# Under the table dust extraction



## Brent Baker (Dec 24, 2010)

Hi, this is my first posting. I live in Midvale, Utah. Just getting started in wood working. I just started setting up dust extraction in my wood working area. My table router is mounted to a JessEm router lift. The fence has a dust collection port but most of the pieces end up on the floor and not much goes in the dust port. I have looked at a dust collecter at Rockler that mounts under the table called Down Under Dust Port. When I called Rockler they said they no longer carry the insert needed to mount the system to my router lift. Has anyone used the Down Under Dust Port? Does it work? Any idea where to get the needed insert?

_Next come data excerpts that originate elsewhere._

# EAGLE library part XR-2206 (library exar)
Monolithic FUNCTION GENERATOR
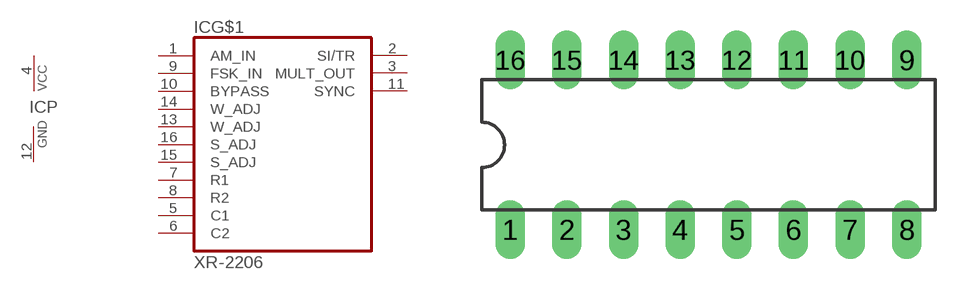
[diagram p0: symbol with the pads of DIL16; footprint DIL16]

Designator prefix IC; gates G$1=XR-2206 P=PWRN

## XR-2206 (OC_FARNELL: unknown; OC_NEWARK: unknown)  [DIL16]
1  G$1:AM_IN  in
2  G$1:SI/TR  out
3  G$1:MULT_OUT  out
4  P:VCC  pwr
5  G$1:C1  in
6  G$1:C2  in
7  G$1:R1  in
8  G$1:R2  in
9  G$1:FSK_IN  in
10  G$1:BYPASS  in
11  G$1:SYNC  out
12  P:GND  pwr
13  G$1:W_ADJ  in
14  G$1:W_ADJ  in
15  G$1:S_ADJ  in
16  G$1:S_ADJ  in

## Footprint DIL16 (pad centres in mm)
Dual In Line Package
drill 0.813 long: 1 -8.89,-3.81; 2 -6.35,-3.81; 3 -3.81,-3.81; 4 -1.27,-3.81; 5 1.27,-3.81; 6 3.81,-3.81; 7 6.35,-3.81; 8 8.89,-3.81; 9 8.89,3.81; 10 6.35,3.81; 11 3.81,3.81; 12 1.27,3.81; 13 -1.27,3.81; 14 -3.81,3.81; 15 -6.35,3.81; 16 -8.89,3.81
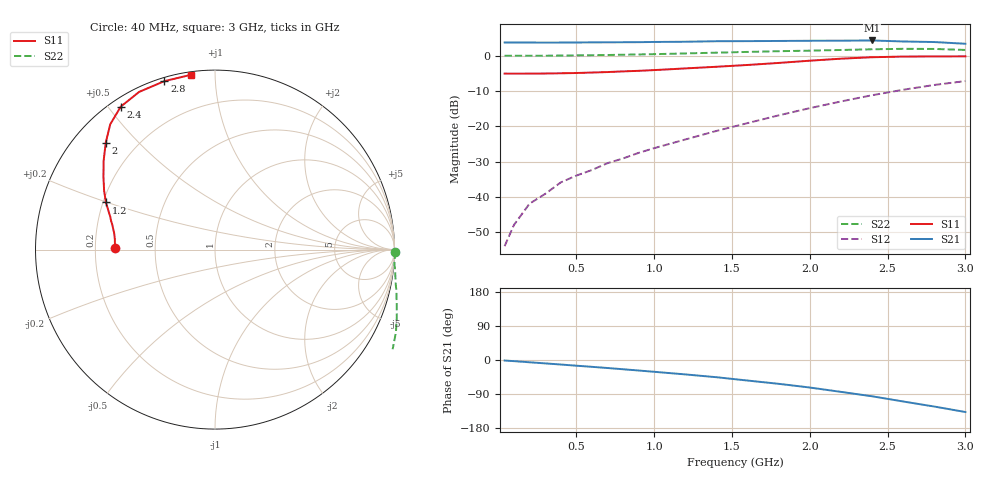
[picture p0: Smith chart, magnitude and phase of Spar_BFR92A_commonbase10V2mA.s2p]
! Filename:  BFR92ACF.S2P  Version:  2.0
! NXP part #: BFR92A  Date: Jul 1990
! Bias condition: Vce=10V, Ic=2mA
! COMMON BASE
#  MHz  S  MA  R  50
! Freq  S11  S21  S12  S22
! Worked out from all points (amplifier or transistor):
!   21 points, 40 MHz to 3 GHz, reference 50 ohm
!   highest |S21| = 4.3 dB at 2.4 GHz (marker M1)
!   |S21| within 3 dB of that: start of sweep to end of sweep
!   unconditionally stable (mu >= 1): nowhere
!   at 300 MHz: K = -0.22, MSG = 21.5 dB, |S12| = -39.2 dB
!   at 1 GHz: K = -0.79, MSG = 15.1 dB, |S12| = -26.2 dB
!   at 3 GHz: K = -0.47, MSG = 5.3 dB, |S12| = -7.2 dB
!   S11 on the Smith chart (normalised r, x): 40 MHz: 0.28, +0.01; 1.2 GHz: 0.21, +0.20; 2 GHz: 0.09, +0.41; 2.4 GHz: 0.03, +0.54; 2.8 GHz: 0.02, +0.74; 3 GHz: 0.02, +0.87
40  0.559 179.0  1.546 -1.4  0.002 74.5  1.002 -0.7
100  0.558 177.9  1.543 -3.0  0.004 87.0  1.004 -1.4
200  0.559 176.0  1.542 -6.0  0.008 93.8  1.003 -3.1
300  0.561 174.1  1.539 -8.9  0.011 99.0  1.003 -4.7
400  0.565 172.3  1.541 -11.9  0.016 103.0  1.009 -6.2
500  0.57 170.5  1.543 -15.0  0.02 106.1  1.014 -7.8
600  0.579 168.5  1.551 -18.0  0.024 109.7  1.019 -9.4
700  0.588 166.5  1.553 -21.1  0.03 112.9  1.026 -11.0
800  0.601 164.5  1.557 -24.4  0.035 115.4  1.036 -12.7
900  0.612 162.5  1.56 -27.7  0.042 118.2  1.045 -14.6
1000  0.627 160.6  1.571 -31.1  0.049 120.5  1.055 -16.3
1200  0.662 156.6  1.582 -38.0  0.065 124.5  1.08 -20.3
1400  0.699 152.1  1.609 -45.4  0.086 126.6  1.108 -24.5
1600  0.741 147.0  1.614 -54.2  0.111 128.3  1.135 -29.3
1800  0.792 141.6  1.623 -62.8  0.143 127.9  1.162 -34.8
2000  0.852 135.6  1.633 -72.6  0.181 126.4  1.183 -41.3
2200  0.91 129.9  1.637 -84.1  0.225 123.7  1.209 -48.9
2400  0.954 123.4  1.65 -95.7  0.276 119.8  1.236 -57.3
2600  0.975 115.7  1.596 -109.5  0.33 115.2  1.256 -65.7
2800  0.98 106.7  1.567 -122.8  0.386 109.4  1.251 -73.9
3000  0.983 97.8  1.481 -137.3  0.438 103.8  1.21 -82.4

Brent


----------



## Ralph Barker (Dec 15, 2008)

Rockler is now selling the "Dust Bucket" - essentially a box with an access door and an adjustable air inlet. Looks like it mounts to the underside of the table directly.

Dust Bucket Dust Collection for Router Tables - Rockler Woodworking Tools

Alternatively, you could build your own box. (probably for less than $80)

Often, the trick to getting these things to work well is balancing the volume of air intake to the suction of the vac. With a small opening in a split fence, the vac tends to get air-starved.


----------



## xplorx4 (Dec 1, 2008)

Greetings Brent and welcome to the router forum. Thank you for joining us, and remember to have fun, build well and above all be safe.


----------



## bobj3 (Jan 17, 2006)

Hi Brent

Here's a little trick that works, use a fence with a insert in the fence that's almost the same size as the bit ( like below) it will let the vac.system suck up the chips as they get cut off the stock, you don't need to replace your fence just make and use a sub.fence in 3 parts, the insert part is in the center and is held in place with the other two sides of the fence with a 10 deg.angle on all 3 parts that locks the part in place..

=======



Brent Baker said:


> Hi, this is my first posting. I live in Midvale, Utah. Just getting started in wood working. I just started setting up dust extraction in my wood working area. My table router is mounted to a JessEm router lift. The fence has a dust collection port but most of the pieces end up on the floor and not much goes in the dust port. I have looked at a dust collecter at Rockler that mounts under the table called Down Under Dust Port. When I called Rockler they said they no longer carry the insert needed to mount the system to my router lift. Has anyone used the Down Under Dust Port? Does it work? Any idea where to get the needed insert? Brent


----------